Synthesis of retinoids, including vitamin A, is disrupted by chlorinated hydrocarbon contaminants which can cause a series of problems related to vitamin A-mediated enzyme reactions. Corticosterone is a hormone whose elevated levels indicate stress. Using the tree swallow method, Martinovic et al. (2003) found that PCDD concentrations ranged from 5.4 pg/g to 79.5 pg/g in fledgling swallows along the St. Lawrence River in Canada and the United States. Various measures of retinoid correlated with PCDDs, causing the authors to conclude that PCDD was interfering with vitamin A pathways. Corticosterone was also elevated in highly contaminated sites, indicating that PCDD affected stress and the glucocorticoid axis that produces corticosterone. Both sublethal effects may result in numerous metabolic pathways that could compromise survival or reproduction.

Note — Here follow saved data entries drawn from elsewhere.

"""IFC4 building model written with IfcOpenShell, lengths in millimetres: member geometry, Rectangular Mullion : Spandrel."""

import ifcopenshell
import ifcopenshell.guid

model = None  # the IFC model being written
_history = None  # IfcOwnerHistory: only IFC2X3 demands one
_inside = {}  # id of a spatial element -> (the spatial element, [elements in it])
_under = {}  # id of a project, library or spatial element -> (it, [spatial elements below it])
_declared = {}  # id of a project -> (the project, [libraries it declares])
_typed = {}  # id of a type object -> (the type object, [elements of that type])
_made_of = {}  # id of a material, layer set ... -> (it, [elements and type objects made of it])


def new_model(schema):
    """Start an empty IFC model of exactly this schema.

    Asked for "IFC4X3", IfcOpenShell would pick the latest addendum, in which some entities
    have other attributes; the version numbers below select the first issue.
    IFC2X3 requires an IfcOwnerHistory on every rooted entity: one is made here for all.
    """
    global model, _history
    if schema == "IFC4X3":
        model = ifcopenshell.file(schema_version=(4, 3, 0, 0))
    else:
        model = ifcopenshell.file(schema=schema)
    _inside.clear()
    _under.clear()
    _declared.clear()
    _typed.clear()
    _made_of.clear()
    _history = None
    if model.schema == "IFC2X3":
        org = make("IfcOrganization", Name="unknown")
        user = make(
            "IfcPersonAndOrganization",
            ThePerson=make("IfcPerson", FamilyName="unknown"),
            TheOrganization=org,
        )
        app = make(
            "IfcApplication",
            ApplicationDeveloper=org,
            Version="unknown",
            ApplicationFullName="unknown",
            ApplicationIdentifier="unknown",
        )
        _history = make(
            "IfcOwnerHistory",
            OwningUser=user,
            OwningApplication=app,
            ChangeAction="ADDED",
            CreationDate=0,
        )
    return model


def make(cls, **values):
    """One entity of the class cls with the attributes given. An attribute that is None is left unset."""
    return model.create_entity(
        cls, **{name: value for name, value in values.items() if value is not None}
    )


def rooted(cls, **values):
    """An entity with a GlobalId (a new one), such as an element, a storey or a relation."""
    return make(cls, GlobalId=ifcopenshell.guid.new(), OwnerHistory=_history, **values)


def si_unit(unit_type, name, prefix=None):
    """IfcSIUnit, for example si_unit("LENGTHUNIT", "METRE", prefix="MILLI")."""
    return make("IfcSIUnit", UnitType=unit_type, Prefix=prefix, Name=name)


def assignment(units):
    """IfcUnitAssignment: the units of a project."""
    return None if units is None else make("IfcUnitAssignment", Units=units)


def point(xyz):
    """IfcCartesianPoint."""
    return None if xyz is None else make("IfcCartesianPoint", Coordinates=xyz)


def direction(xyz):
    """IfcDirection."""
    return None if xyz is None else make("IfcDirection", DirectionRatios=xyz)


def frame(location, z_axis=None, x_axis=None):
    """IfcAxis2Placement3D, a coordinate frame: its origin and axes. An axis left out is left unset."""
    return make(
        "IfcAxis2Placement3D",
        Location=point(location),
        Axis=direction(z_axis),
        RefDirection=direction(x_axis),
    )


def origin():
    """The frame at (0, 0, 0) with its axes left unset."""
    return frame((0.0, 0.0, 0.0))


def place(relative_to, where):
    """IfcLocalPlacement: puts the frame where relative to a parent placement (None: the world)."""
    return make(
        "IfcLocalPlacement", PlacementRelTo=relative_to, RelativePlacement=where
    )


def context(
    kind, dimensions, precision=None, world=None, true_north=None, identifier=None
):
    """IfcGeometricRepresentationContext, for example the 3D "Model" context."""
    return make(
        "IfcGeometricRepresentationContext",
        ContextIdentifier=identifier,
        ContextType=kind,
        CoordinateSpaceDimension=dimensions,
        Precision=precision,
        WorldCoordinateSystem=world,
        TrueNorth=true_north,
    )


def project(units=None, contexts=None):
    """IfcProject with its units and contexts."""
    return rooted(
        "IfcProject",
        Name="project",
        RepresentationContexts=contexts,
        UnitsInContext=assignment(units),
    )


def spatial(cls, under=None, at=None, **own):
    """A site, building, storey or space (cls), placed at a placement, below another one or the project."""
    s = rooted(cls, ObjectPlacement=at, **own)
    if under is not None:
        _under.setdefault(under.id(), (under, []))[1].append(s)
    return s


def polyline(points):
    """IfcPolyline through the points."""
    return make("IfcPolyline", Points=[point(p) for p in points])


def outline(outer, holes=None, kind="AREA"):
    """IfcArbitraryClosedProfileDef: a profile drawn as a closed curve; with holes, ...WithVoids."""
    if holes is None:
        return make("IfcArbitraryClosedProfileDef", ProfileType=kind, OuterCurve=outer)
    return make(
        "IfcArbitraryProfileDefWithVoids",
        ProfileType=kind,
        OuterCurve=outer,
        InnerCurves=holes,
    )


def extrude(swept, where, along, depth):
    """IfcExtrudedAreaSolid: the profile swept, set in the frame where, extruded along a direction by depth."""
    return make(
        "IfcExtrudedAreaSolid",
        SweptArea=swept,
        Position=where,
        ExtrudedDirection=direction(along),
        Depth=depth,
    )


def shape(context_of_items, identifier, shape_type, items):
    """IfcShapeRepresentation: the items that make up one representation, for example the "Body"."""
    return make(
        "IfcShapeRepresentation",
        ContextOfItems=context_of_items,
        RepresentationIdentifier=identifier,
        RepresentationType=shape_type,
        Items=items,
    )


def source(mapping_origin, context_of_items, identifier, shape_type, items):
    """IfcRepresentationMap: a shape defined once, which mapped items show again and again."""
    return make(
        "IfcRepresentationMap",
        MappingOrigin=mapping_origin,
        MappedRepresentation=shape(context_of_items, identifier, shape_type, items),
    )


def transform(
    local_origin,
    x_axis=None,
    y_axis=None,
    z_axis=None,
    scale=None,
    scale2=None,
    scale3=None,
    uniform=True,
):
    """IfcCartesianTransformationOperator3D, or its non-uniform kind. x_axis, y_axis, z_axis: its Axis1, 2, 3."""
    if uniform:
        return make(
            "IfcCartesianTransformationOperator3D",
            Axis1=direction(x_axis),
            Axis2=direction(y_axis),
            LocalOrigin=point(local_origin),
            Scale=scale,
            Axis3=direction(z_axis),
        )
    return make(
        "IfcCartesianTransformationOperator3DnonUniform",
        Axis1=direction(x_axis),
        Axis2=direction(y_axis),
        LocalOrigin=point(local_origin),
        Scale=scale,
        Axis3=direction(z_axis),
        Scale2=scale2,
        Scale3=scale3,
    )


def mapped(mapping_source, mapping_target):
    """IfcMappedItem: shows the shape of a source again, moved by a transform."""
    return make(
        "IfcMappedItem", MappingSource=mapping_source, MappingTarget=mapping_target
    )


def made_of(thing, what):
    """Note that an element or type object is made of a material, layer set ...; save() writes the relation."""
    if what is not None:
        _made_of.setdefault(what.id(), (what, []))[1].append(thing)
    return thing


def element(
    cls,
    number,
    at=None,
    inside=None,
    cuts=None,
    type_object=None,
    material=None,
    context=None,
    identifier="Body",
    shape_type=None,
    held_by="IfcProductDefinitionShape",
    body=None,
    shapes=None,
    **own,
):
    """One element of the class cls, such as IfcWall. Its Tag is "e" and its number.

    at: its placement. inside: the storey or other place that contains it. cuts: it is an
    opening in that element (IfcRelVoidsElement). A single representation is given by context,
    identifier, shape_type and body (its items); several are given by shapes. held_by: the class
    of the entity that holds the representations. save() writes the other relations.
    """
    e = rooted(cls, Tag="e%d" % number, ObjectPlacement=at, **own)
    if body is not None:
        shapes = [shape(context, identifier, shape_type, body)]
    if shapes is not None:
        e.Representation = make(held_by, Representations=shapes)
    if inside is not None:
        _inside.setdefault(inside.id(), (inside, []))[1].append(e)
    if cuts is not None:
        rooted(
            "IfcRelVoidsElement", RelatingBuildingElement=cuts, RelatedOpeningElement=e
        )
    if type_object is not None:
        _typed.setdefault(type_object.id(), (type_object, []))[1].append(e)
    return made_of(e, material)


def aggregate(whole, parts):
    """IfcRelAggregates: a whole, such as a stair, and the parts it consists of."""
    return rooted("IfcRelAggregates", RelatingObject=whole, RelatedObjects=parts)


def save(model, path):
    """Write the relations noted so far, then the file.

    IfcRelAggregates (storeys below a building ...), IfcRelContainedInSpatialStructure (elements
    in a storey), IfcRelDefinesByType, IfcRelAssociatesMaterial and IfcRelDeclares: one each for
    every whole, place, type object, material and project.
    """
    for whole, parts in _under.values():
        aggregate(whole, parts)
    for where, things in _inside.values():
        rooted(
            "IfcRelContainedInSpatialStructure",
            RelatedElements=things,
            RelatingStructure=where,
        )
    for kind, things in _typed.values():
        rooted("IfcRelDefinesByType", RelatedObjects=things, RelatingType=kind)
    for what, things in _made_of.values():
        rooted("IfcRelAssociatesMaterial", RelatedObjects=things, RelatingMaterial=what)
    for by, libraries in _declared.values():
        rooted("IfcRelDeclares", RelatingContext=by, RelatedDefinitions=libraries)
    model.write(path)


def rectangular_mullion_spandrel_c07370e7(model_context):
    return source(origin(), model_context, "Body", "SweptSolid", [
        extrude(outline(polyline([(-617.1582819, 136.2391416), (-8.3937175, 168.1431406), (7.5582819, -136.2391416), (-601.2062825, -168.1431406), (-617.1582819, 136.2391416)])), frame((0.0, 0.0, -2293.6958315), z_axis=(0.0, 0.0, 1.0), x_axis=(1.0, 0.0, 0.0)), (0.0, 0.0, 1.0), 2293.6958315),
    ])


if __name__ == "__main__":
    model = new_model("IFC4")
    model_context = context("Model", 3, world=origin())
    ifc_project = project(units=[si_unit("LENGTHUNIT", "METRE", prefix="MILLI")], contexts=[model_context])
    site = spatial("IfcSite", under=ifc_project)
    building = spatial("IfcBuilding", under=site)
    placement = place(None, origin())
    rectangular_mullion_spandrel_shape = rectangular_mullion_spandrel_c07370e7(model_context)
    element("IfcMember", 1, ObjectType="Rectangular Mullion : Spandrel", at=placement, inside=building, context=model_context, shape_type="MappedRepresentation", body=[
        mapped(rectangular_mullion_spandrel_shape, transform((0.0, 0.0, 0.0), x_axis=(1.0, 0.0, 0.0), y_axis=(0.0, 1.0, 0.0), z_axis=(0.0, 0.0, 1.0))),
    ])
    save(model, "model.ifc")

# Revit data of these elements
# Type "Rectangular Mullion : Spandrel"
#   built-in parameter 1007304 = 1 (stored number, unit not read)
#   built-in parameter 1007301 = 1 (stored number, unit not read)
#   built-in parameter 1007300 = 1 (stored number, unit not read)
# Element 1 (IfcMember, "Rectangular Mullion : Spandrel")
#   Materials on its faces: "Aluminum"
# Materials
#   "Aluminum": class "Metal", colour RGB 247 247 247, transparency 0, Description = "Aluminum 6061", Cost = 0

The tree swallow egg removal procedure is flexible. For example, it has been used to compare physiological health among commercial apple orchards and reference sites (Bishop et al., 1998). In this case, pesticides such as pyrethroids and fungicides were the primary contaminants. Swallows in the orchards experienced slight anemia, somewhat impaired immune systems, and altered thymus and thyroid responses compared with birds from reference areas.

In addition to tree swallows, the egg removal for analysis accompanied by examination of the reproductive effects has been adapted to spotted sandpipers (Actitis macularia), belted kingfishers (Megaceryle alcyon, Custer et al., 2010), night herons (Nycticorax ncyticorax, Rattner et al., 2000), wood ducks (Aix sponsa, Augspurger et al., 2008), great blue herons (Ardea herodias, Baker and Sepulveda, 2009), and other species.

Study Questions

1. What halogens are most often associated with halogenated hydrocarbons?

2. Why are the number of congeners for PCBs, PBBs, and PBDEs limited to exactly 209? Do investigators have to look for all 209 PCB congeners when studying PCB contamination? Why or why not?

3. Of the molecular structures shown below, which is a PCB, PCDD, and PCDF?

4. List the specific chemical formula names for the three molecules in question 3.

5. What factor on the PCB molecule determines if it is coplanar or not? Why does the molecular structure of coplanar PCBs make them function like dioxins?

6. Trace the changes in behavioral characteristics assumed by PCBs as the degree of chlorination increases.

7. Do dioxins occur naturally in the environment?

8. Most soil that is contaminated with PCBs or dioxins is physically removed and stored in landfills. Discuss some environmental problems associated with this type of disposal.

9. Why is TCDD the standard for toxicity comparison among dioxins and dioxin-like PCBs and furans?

10. Provide some reasons why male mammals tend to have higher PCB concentrations in their tissues than female mammals.

11. Explain how the P450 cytochromes can increase the toxicity of PCBs and related molecules.

12. What features would you look for in a sentinel species?